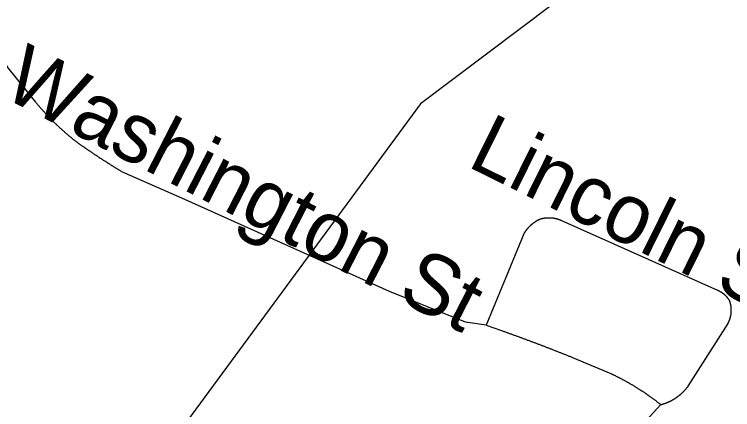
# Model space of a CAD drawing. Extents: x 1268485 to 1426702, y 514839 to 616766.
# Drawn here: x 1379528 to 1380513, y 549574 to 550116 of the extents above; entities that cross this region are included whole.
import ezdxf

# ---------------------------------------------------------------- set-up
doc = ezdxf.new("R2010")
doc.units = 0
for name, color, linetype in [('Old_Level_10', 7, 'Continuous'), ('Old_Level_35', 7, 'Continuous'), ('Old_Level_56', 7, 'Continuous')]:
    doc.layers.add(name, color=color, linetype=linetype)

msp = doc.modelspace()

# ---------------------------------------------------------------- linework, layer by layer
at = {"layer": 'Old_Level_35'}
for p, q in [((1380492.134, 549737.101), (1380278.264, 549832.757)), ((1380226.284, 549815.071), (1380174.508, 549689.477)), ((1380451.738, 549606.226), (1380506.282, 549692.143)), ((1380174.508, 549689.477), (1380195.833, 549682.147))]:
    msp.add_line(p, q, dxfattribs=at)
for points in [[(1379556.891, 549995.364), (1379519.264, 550042.679), (1379500.399, 550070.361), (1379421.249, 550196.827)], [(1379612.768, 549940.922), (1379612.153, 549941.435), (1379611.538, 549941.948), (1379610.922, 549942.46), (1379610.205, 549942.921), (1379609.59, 549943.383), (1379608.974, 549943.896), (1379608.359, 549944.357), (1379607.744, 549944.869), (1379607.129, 549945.382), (1379606.514, 549945.895), (1379606.001, 549946.356), (1379605.386, 549946.869), (1379604.771, 549947.382), (1379604.156, 549947.894), (1379603.54, 549948.355), (1379602.925, 549948.868), (1379602.208, 549949.38), (1379601.798, 549949.893), (1379601.08, 549950.457), (1379600.465, 549950.918), (1379599.85, 549951.431), (1379599.234, 549951.944), (1379598.722, 549952.508), (1379598.107, 549953.021), (1379597.491, 549953.481), (1379596.876, 549953.994), (1379596.364, 549954.558), (1379595.749, 549955.071), (1379595.133, 549955.584), (1379594.518, 549956.147), (1379594.006, 549956.609), (1379593.39, 549957.172), (1379592.775, 549957.685), (1379592.263, 549958.249), (1379591.647, 549958.762), (1379591.032, 549959.325), (1379590.52, 549959.838), (1379589.905, 549960.351), (1379589.289, 549960.863), (1379588.777, 549961.428), (1379588.162, 549961.991), (1379587.546, 549962.504), (1379587.034, 549963.068), (1379586.419, 549963.632), (1379585.906, 549964.144), (1379585.291, 549964.708), (1379584.778, 549965.272), (1379584.163, 549965.836), (1379583.65, 549966.297), (1379583.035, 549966.862), (1379582.42, 549967.425), (1379581.908, 549967.989), (1379581.292, 549968.553), (1379580.78, 549969.117), (1379580.267, 549969.681), (1379579.652, 549970.193), (1379579.139, 549970.758), (1379578.524, 549971.321), (1379578.012, 549971.885), (1379577.396, 549972.449), (1379576.884, 549973.013), (1379576.269, 549973.577), (1379575.756, 549974.192), (1379575.243, 549974.756), (1379574.628, 549975.32), (1379574.116, 549975.884), (1379573.603, 549976.447), (1379572.988, 549977.012), (1379572.475, 549977.575), (1379571.962, 549978.19), (1379571.347, 549978.755), (1379570.835, 549979.318), (1379570.425, 549979.882), (1379569.707, 549980.497), (1379569.297, 549981.061), (1379568.784, 549981.625), (1379568.272, 549982.24), (1379567.656, 549982.804), (1379567.144, 549983.368), (1379566.631, 549983.983), (1379566.118, 549984.547), (1379565.606, 549985.214), (1379564.991, 549985.726), (1379564.478, 549986.29), (1379563.965, 549986.957), (1379563.453, 549987.572), (1379563.043, 549988.135), (1379562.53, 549988.75), (1379561.915, 549989.315), (1379561.402, 549989.93), (1379560.89, 549990.493), (1379560.377, 549991.109), (1379559.864, 549991.775), (1379559.352, 549992.288), (1379558.839, 549992.954), (1379558.327, 549993.569), (1379557.916, 549994.133), (1379557.404, 549994.749), (1379556.891, 549995.364)], [(1379674.899, 549900.065), (1379674.283, 549900.425), (1379673.668, 549900.835), (1379672.951, 549901.193), (1379672.335, 549901.603), (1379671.72, 549902.013), (1379671.105, 549902.373), (1379670.387, 549902.731), (1379669.772, 549903.193), (1379669.157, 549903.551), (1379668.542, 549903.961), (1379667.824, 549904.371), (1379667.209, 549904.731), (1379666.594, 549905.141), (1379665.979, 549905.551), (1379665.261, 549905.961), (1379664.646, 549906.319), (1379664.031, 549906.73), (1379663.416, 549907.14), (1379662.801, 549907.499), (1379662.083, 549907.96), (1379661.468, 549908.319), (1379660.853, 549908.678), (1379660.237, 549909.139), (1379659.622, 549909.498), (1379658.905, 549909.96), (1379658.289, 549910.318), (1379657.674, 549910.728), (1379656.957, 549911.138), (1379656.341, 549911.497), (1379655.726, 549911.958), (1379655.111, 549912.318), (1379654.496, 549912.728), (1379653.881, 549913.138), (1379653.266, 549913.548), (1379652.65, 549913.958), (1379652.035, 549914.368), (1379651.42, 549914.727), (1379650.6, 549915.188), (1379649.985, 549915.547), (1379649.37, 549916.009), (1379648.754, 549916.367), (1379648.139, 549916.829), (1379647.524, 549917.239), (1379646.909, 549917.649), (1379646.294, 549918.059), (1379645.576, 549918.418), (1379644.961, 549918.879), (1379644.346, 549919.238), (1379643.731, 549919.7), (1379643.116, 549920.11), (1379642.5, 549920.52), (1379641.885, 549920.93), (1379641.27, 549921.391), (1379640.655, 549921.75), (1379640.04, 549922.211), (1379639.425, 549922.621), (1379638.707, 549922.98), (1379638.092, 549923.441), (1379637.477, 549923.851), (1379636.861, 549924.262), (1379636.246, 549924.672), (1379635.631, 549925.133), (1379635.016, 549925.492), (1379634.401, 549925.954), (1379633.786, 549926.364), (1379633.171, 549926.825), (1379632.453, 549927.184), (1379631.838, 549927.645), (1379631.223, 549928.055), (1379630.607, 549928.517), (1379629.992, 549928.875), (1379629.377, 549929.337), (1379628.762, 549929.747), (1379628.147, 549930.208), (1379627.532, 549930.618), (1379626.916, 549930.977), (1379626.301, 549931.438), (1379625.584, 549931.9), (1379624.968, 549932.31), (1379624.353, 549932.771), (1379623.738, 549933.181), (1379623.123, 549933.541), (1379622.61, 549934.002), (1379621.995, 549934.463), (1379621.38, 549934.873), (1379620.765, 549935.334), (1379620.15, 549935.744), (1379619.535, 549936.206), (1379618.919, 549936.616), (1379618.202, 549937.077), (1379617.587, 549937.487), (1379616.971, 549937.898), (1379616.356, 549938.308), (1379615.741, 549938.769), (1379615.126, 549939.179), (1379614.613, 549939.64), (1379613.998, 549940.051), (1379613.383, 549940.512), (1379612.768, 549940.922)], [(1380174.508, 549689.477), (1380146.211, 549693.937), (1380041.839, 549736.024), (1379761.226, 549861.875), (1379674.899, 549900.065)], [(1380248.224, 549834.808), (1380248.019, 549834.705), (1380247.712, 549834.551), (1380247.507, 549834.398), (1380247.096, 549834.244), (1380246.891, 549834.141), (1380246.584, 549833.988), (1380246.379, 549833.885), (1380246.174, 549833.731), (1380245.866, 549833.578), (1380245.456, 549833.423), (1380245.251, 549833.321), (1380245.046, 549833.168), (1380244.738, 549833.013), (1380244.533, 549832.86), (1380244.226, 549832.757), (1380244.021, 549832.552), (1380243.713, 549832.45), (1380243.406, 549832.245), (1380243.098, 549832.142), (1380242.893, 549831.937), (1380242.585, 549831.835), (1380242.38, 549831.63), (1380242.175, 549831.475), (1380241.868, 549831.322), (1380241.663, 549831.117), (1380241.355, 549831.015), (1380241.15, 549830.809), (1380240.842, 549830.604), (1380240.637, 549830.45), (1380240.33, 549830.297), (1380240.125, 549830.143), (1380239.92, 549829.938), (1380239.612, 549829.733), (1380239.407, 549829.579), (1380239.099, 549829.425), (1380238.894, 549829.272), (1380238.587, 549829.067), (1380238.382, 549828.861), (1380238.177, 549828.707), (1380237.972, 549828.502), (1380237.767, 549828.297), (1380237.459, 549828.144), (1380237.254, 549827.939), (1380237.049, 549827.734), (1380236.741, 549827.477), (1380236.536, 549827.324), (1380236.229, 549827.119), (1380236.126, 549826.913), (1380235.921, 549826.759), (1380235.614, 549826.503), (1380235.408, 549826.298), (1380235.101, 549826.144), (1380234.998, 549825.939), (1380234.793, 549825.683), (1380234.486, 549825.478), (1380234.281, 549825.324), (1380234.076, 549825.068), (1380233.871, 549824.863), (1380233.666, 549824.606), (1380233.358, 549824.453), (1380233.255, 549824.196), (1380233.05, 549823.991), (1380232.743, 549823.735), (1380232.64, 549823.581), (1380232.333, 549823.325), (1380232.128, 549823.12), (1380232.025, 549822.863), (1380231.718, 549822.71), (1380231.615, 549822.453), (1380231.41, 549822.197), (1380231.102, 549821.992), (1380231, 549821.735), (1380230.795, 549821.48), (1380230.59, 549821.275), (1380230.385, 549821.069), (1380230.282, 549820.813), (1380229.975, 549820.557), (1380229.872, 549820.3), (1380229.667, 549820.044), (1380229.462, 549819.89), (1380229.257, 549819.634), (1380229.154, 549819.377), (1380228.847, 549819.121), (1380228.744, 549818.865), (1380228.539, 549818.609), (1380228.334, 549818.352), (1380228.232, 549818.147), (1380228.027, 549817.891), (1380227.924, 549817.634), (1380227.617, 549817.379), (1380227.514, 549817.122), (1380227.411, 549816.866), (1380227.104, 549816.609), (1380227.001, 549816.353), (1380226.899, 549816.148), (1380226.796, 549815.892), (1380226.489, 549815.636), (1380226.386, 549815.328), (1380226.284, 549815.071)], [(1380278.264, 549832.757), (1380277.957, 549832.86), (1380277.752, 549833.013), (1380277.342, 549833.116), (1380277.137, 549833.27), (1380276.829, 549833.373), (1380276.624, 549833.526), (1380276.214, 549833.578), (1380276.009, 549833.68), (1380275.701, 549833.834), (1380275.394, 549833.936), (1380275.086, 549834.039), (1380274.881, 549834.141), (1380274.471, 549834.244), (1380274.266, 549834.398), (1380273.958, 549834.449), (1380273.651, 549834.551), (1380273.343, 549834.603), (1380273.036, 549834.756), (1380272.728, 549834.808), (1380272.523, 549834.961), (1380272.113, 549835.013), (1380271.908, 549835.064), (1380271.6, 549835.166), (1380271.293, 549835.269), (1380270.985, 549835.321), (1380270.575, 549835.371), (1380270.37, 549835.526), (1380269.96, 549835.577), (1380269.755, 549835.628), (1380269.55, 549835.679), (1380269.14, 549835.731), (1380268.832, 549835.833), (1380268.524, 549835.884), (1380268.217, 549835.936), (1380267.909, 549835.987), (1380267.602, 549836.038), (1380267.397, 549836.038), (1380266.987, 549836.141), (1380266.781, 549836.192), (1380266.371, 549836.243), (1380266.166, 549836.243), (1380265.756, 549836.294), (1380265.551, 549836.397), (1380265.141, 549836.397), (1380264.833, 549836.448), (1380264.526, 549836.448), (1380264.218, 549836.499), (1380263.911, 549836.499), (1380263.603, 549836.499), (1380263.296, 549836.551), (1380262.988, 549836.551), (1380262.783, 549836.551), (1380262.373, 549836.602), (1380262.168, 549836.602), (1380261.758, 549836.602), (1380261.45, 549836.602), (1380261.143, 549836.602), (1380260.835, 549836.602), (1380260.527, 549836.602), (1380260.22, 549836.602), (1380259.912, 549836.602), (1380259.605, 549836.602), (1380259.297, 549836.602), (1380258.989, 549836.602), (1380258.579, 549836.551), (1380258.374, 549836.551), (1380257.964, 549836.551), (1380257.759, 549836.551), (1380257.349, 549836.499), (1380257.144, 549836.499), (1380256.734, 549836.448), (1380256.529, 549836.448), (1380256.119, 549836.397), (1380255.914, 549836.397), (1380255.504, 549836.294), (1380255.299, 549836.294), (1380254.991, 549836.243), (1380254.581, 549836.192), (1380254.376, 549836.192), (1380253.966, 549836.141), (1380253.761, 549836.038), (1380253.351, 549835.987), (1380253.145, 549835.936), (1380252.735, 549835.884), (1380252.53, 549835.884), (1380252.12, 549835.833), (1380251.915, 549835.731), (1380251.608, 549835.628), (1380251.3, 549835.577), (1380250.992, 549835.526), (1380250.582, 549835.423), (1380250.377, 549835.371), (1380250.172, 549835.321), (1380249.762, 549835.166), (1380249.455, 549835.116), (1380249.147, 549835.064), (1380248.839, 549834.961), (1380248.634, 549834.859), (1380248.224, 549834.808)], [(1380508.23, 549723.618), (1380508.128, 549723.823), (1380508.025, 549723.977), (1380507.923, 549724.182), (1380507.718, 549724.387), (1380507.615, 549724.541), (1380507.513, 549724.746), (1380507.41, 549724.9), (1380507.205, 549725.053), (1380507.103, 549725.258), (1380507, 549725.464), (1380506.897, 549725.618), (1380506.795, 549725.771), (1380506.59, 549725.925), (1380506.487, 549726.13), (1380506.385, 549726.335), (1380506.282, 549726.438), (1380506.077, 549726.643), (1380505.975, 549726.796), (1380505.872, 549727.001), (1380505.77, 549727.104), (1380505.667, 549727.309), (1380505.36, 549727.514), (1380505.257, 549727.617), (1380505.155, 549727.822), (1380504.949, 549727.924), (1380504.847, 549728.129), (1380504.744, 549728.334), (1380504.642, 549728.437), (1380504.334, 549728.642), (1380504.232, 549728.744), (1380504.129, 549728.949), (1380504.027, 549729.052), (1380503.924, 549729.257), (1380503.617, 549729.36), (1380503.514, 549729.565), (1380503.412, 549729.667), (1380503.207, 549729.872), (1380503.104, 549730.026), (1380502.899, 549730.129), (1380502.796, 549730.334), (1380502.591, 549730.436), (1380502.489, 549730.539), (1380502.284, 549730.744), (1380502.079, 549730.897), (1380501.976, 549731), (1380501.771, 549731.205), (1380501.669, 549731.308), (1380501.464, 549731.462), (1380501.259, 549731.564), (1380501.156, 549731.769), (1380500.951, 549731.872), (1380500.746, 549732.025), (1380500.643, 549732.128), (1380500.541, 549732.23), (1380500.233, 549732.435), (1380500.131, 549732.538), (1380500.028, 549732.692), (1380499.721, 549732.795), (1380499.618, 549732.948), (1380499.413, 549733.05), (1380499.208, 549733.205), (1380499.105, 549733.307), (1380498.9, 549733.461), (1380498.798, 549733.563), (1380498.49, 549733.666), (1380498.388, 549733.82), (1380498.285, 549733.922), (1380497.978, 549734.076), (1380497.875, 549734.178), (1380497.67, 549734.23), (1380497.465, 549734.383), (1380497.26, 549734.486), (1380497.157, 549734.64), (1380496.85, 549734.743), (1380496.747, 549734.896), (1380496.542, 549734.948), (1380496.337, 549735.05), (1380496.132, 549735.204), (1380496.03, 549735.255), (1380495.722, 549735.358), (1380495.62, 549735.511), (1380495.415, 549735.563), (1380495.209, 549735.665), (1380495.004, 549735.819), (1380494.902, 549735.87), (1380494.594, 549736.024), (1380494.492, 549736.075), (1380494.287, 549736.178), (1380493.979, 549736.229), (1380493.877, 549736.383), (1380493.672, 549736.434), (1380493.467, 549736.588), (1380493.261, 549736.639), (1380493.159, 549736.741), (1380492.851, 549736.793), (1380492.646, 549736.896), (1380492.544, 549736.998), (1380492.236, 549737.049), (1380492.134, 549737.101)], [(1380506.282, 549692.143), (1380506.385, 549692.45), (1380506.487, 549692.758), (1380506.59, 549693.014), (1380506.795, 549693.322), (1380507, 549693.63), (1380507.103, 549693.937), (1380507.205, 549694.193), (1380507.41, 549694.501), (1380507.513, 549694.808), (1380507.615, 549695.116), (1380507.718, 549695.373), (1380507.923, 549695.68), (1380508.025, 549695.988), (1380508.128, 549696.295), (1380508.23, 549696.603), (1380508.333, 549696.961), (1380508.538, 549697.269), (1380508.64, 549697.576), (1380508.743, 549697.884), (1380508.845, 549698.192), (1380508.845, 549698.499), (1380509.05, 549698.807), (1380509.153, 549699.114), (1380509.256, 549699.422), (1380509.358, 549699.73), (1380509.358, 549700.089), (1380509.461, 549700.396), (1380509.666, 549700.704), (1380509.666, 549701.011), (1380509.768, 549701.319), (1380509.871, 549701.627), (1380509.871, 549701.985), (1380509.973, 549702.293), (1380509.973, 549702.6), (1380510.076, 549702.959), (1380510.076, 549703.267), (1380510.281, 549703.575), (1380510.281, 549703.933), (1380510.383, 549704.241), (1380510.383, 549704.548), (1380510.383, 549704.856), (1380510.486, 549705.163), (1380510.486, 549705.573), (1380510.486, 549705.881), (1380510.588, 549706.189), (1380510.588, 549706.496), (1380510.588, 549706.855), (1380510.588, 549707.163), (1380510.793, 549707.521), (1380510.793, 549707.829), (1380510.793, 549708.188), (1380510.793, 549708.496), (1380510.793, 549708.803), (1380510.793, 549709.111), (1380510.793, 549709.521), (1380510.793, 549709.829), (1380510.793, 549710.136), (1380510.793, 549710.444), (1380510.793, 549710.802), (1380510.793, 549711.11), (1380510.793, 549711.417), (1380510.793, 549711.725), (1380510.793, 549712.135), (1380510.793, 549712.443), (1380510.588, 549712.75), (1380510.588, 549713.058), (1380510.588, 549713.417), (1380510.588, 549713.776), (1380510.588, 549714.083), (1380510.486, 549714.391), (1380510.486, 549714.75), (1380510.486, 549715.058), (1380510.383, 549715.365), (1380510.383, 549715.673), (1380510.281, 549716.083), (1380510.281, 549716.39), (1380510.281, 549716.698), (1380510.076, 549717.006), (1380510.076, 549717.313), (1380509.973, 549717.621), (1380509.973, 549717.979), (1380509.871, 549718.338), (1380509.768, 549718.646), (1380509.768, 549718.954), (1380509.666, 549719.261), (1380509.461, 549719.569), (1380509.461, 549719.876), (1380509.358, 549720.184), (1380509.256, 549720.491), (1380509.256, 549720.799), (1380509.153, 549721.107), (1380509.05, 549721.414), (1380508.845, 549721.773), (1380508.743, 549722.132), (1380508.743, 549722.388), (1380508.64, 549722.695), (1380508.538, 549723.003), (1380508.333, 549723.31), (1380508.23, 549723.618)], [(1380195.833, 549682.147), (1380196.859, 549681.787), (1380197.884, 549681.429), (1380198.909, 549681.121), (1380199.832, 549680.762), (1380200.857, 549680.352), (1380201.882, 549680.045), (1380202.908, 549679.686), (1380203.83, 549679.327), (1380204.856, 549679.019), (1380205.778, 549678.609), (1380206.701, 549678.251), (1380207.726, 549677.943), (1380208.752, 549677.584), (1380209.777, 549677.174), (1380210.7, 549676.866), (1380211.725, 549676.508), (1380212.75, 549676.149), (1380213.775, 549675.738), (1380214.596, 549675.431), (1380215.621, 549675.072), (1380216.646, 549674.713), (1380217.671, 549674.355), (1380218.594, 549673.995), (1380219.619, 549673.637), (1380220.645, 549673.227), (1380221.67, 549672.868), (1380222.49, 549672.56), (1380223.515, 549672.202), (1380224.541, 549671.792), (1380225.463, 549671.432), (1380226.489, 549671.074), (1380227.514, 549670.766), (1380228.539, 549670.356), (1380229.462, 549669.997), (1380230.385, 549669.639), (1380231.41, 549669.228), (1380232.333, 549668.869), (1380233.358, 549668.562), (1380234.383, 549668.203), (1380235.408, 549667.793), (1380236.331, 549667.434), (1380237.254, 549667.075), (1380238.279, 549666.665), (1380239.202, 549666.306), (1380240.227, 549665.948), (1380241.252, 549665.588), (1380242.278, 549665.23), (1380243.2, 549664.871), (1380244.123, 549664.512), (1380245.148, 549664.102), (1380246.174, 549663.743), (1380247.096, 549663.384), (1380248.122, 549663.025), (1380249.147, 549662.615), (1380249.967, 549662.257), (1380250.992, 549661.897), (1380252.018, 549661.487), (1380253.043, 549661.129), (1380253.966, 549660.77), (1380254.991, 549660.36), (1380255.914, 549660.001), (1380256.836, 549659.642), (1380257.862, 549659.232), (1380258.887, 549658.873), (1380259.912, 549658.514), (1380260.835, 549658.104), (1380261.758, 549657.746), (1380262.783, 549657.386), (1380263.706, 549656.976), (1380264.731, 549656.566), (1380265.756, 549656.208), (1380266.576, 549655.798), (1380267.602, 549655.438), (1380268.627, 549655.08), (1380269.652, 549654.67), (1380270.575, 549654.31), (1380271.6, 549653.952), (1380272.523, 549653.542), (1380273.548, 549653.132), (1380274.471, 549652.773), (1380275.496, 549652.362), (1380276.521, 549652.004), (1380277.342, 549651.645), (1380278.367, 549651.235), (1380279.392, 549650.825), (1380280.417, 549650.414), (1380281.34, 549650.056), (1380282.263, 549649.697), (1380283.288, 549649.338), (1380284.211, 549648.877), (1380285.236, 549648.518), (1380286.261, 549648.108), (1380287.082, 549647.749), (1380288.107, 549647.288), (1380289.132, 549646.929), (1380290.157, 549646.57), (1380290.978, 549646.211), (1380292.003, 549645.75), (1380293.028, 549645.391)], [(1380293.028, 549645.391), (1380318.25, 549634.882), (1380345.521, 549623.297)], [(1380345.521, 549623.297), (1380346.239, 549622.989), (1380346.957, 549622.63), (1380347.777, 549622.271), (1380348.495, 549621.964), (1380349.212, 549621.554), (1380349.828, 549621.195), (1380350.648, 549620.887), (1380351.365, 549620.477), (1380352.083, 549620.118), (1380352.903, 549619.759), (1380353.621, 549619.401), (1380354.339, 549618.991), (1380354.954, 549618.631), (1380355.774, 549618.324), (1380356.492, 549617.914), (1380357.209, 549617.555), (1380358.03, 549617.196), (1380358.747, 549616.838), (1380359.362, 549616.376), (1380360.08, 549616.017), (1380360.9, 549615.607), (1380361.618, 549615.248), (1380362.233, 549614.89), (1380362.951, 549614.48), (1380363.771, 549614.069), (1380364.489, 549613.71), (1380365.104, 549613.3), (1380365.924, 549612.942), (1380366.642, 549612.48), (1380367.36, 549612.121), (1380367.975, 549611.711), (1380368.795, 549611.301), (1380369.513, 549610.942), (1380370.128, 549610.481), (1380370.845, 549610.122), (1380371.666, 549609.712), (1380372.281, 549609.302), (1380372.998, 549608.891), (1380373.716, 549608.43), (1380374.331, 549608.071), (1380375.151, 549607.61), (1380375.869, 549607.2), (1380376.484, 549606.79), (1380377.202, 549606.38), (1380377.92, 549605.918), (1380378.637, 549605.508), (1380379.355, 549605.047), (1380379.97, 549604.688), (1380380.79, 549604.227), (1380381.406, 549603.817), (1380382.123, 549603.355), (1380382.738, 549602.945), (1380383.456, 549602.484), (1380384.276, 549602.074), (1380384.891, 549601.612), (1380385.609, 549601.202), (1380386.224, 549600.741), (1380387.045, 549600.331), (1380387.66, 549599.818), (1380388.275, 549599.357), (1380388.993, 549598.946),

-*-*-

Required work: Please transcribe exactly the lines above from the line that has "doc.units = 0" up to and including the line that has "msp.add_line(p, q, dxfattribs=at)"; no other line belongs in the answer.

Solution:
doc.units = 0
for name, color, linetype in [('Old_Level_10', 7, 'Continuous'), ('Old_Level_35', 7, 'Continuous'), ('Old_Level_56', 7, 'Continuous')]:
    doc.layers.add(name, color=color, linetype=linetype)

msp = doc.modelspace()

# ---------------------------------------------------------------- linework, layer by layer
at = {"layer": 'Old_Level_35'}
for p, q in [((1380492.134, 549737.101), (1380278.264, 549832.757)), ((1380226.284, 549815.071), (1380174.508, 549689.477)), ((1380451.738, 549606.226), (1380506.282, 549692.143)), ((1380174.508, 549689.477), (1380195.833, 549682.147))]:
    msp.add_line(p, q, dxfattribs=at)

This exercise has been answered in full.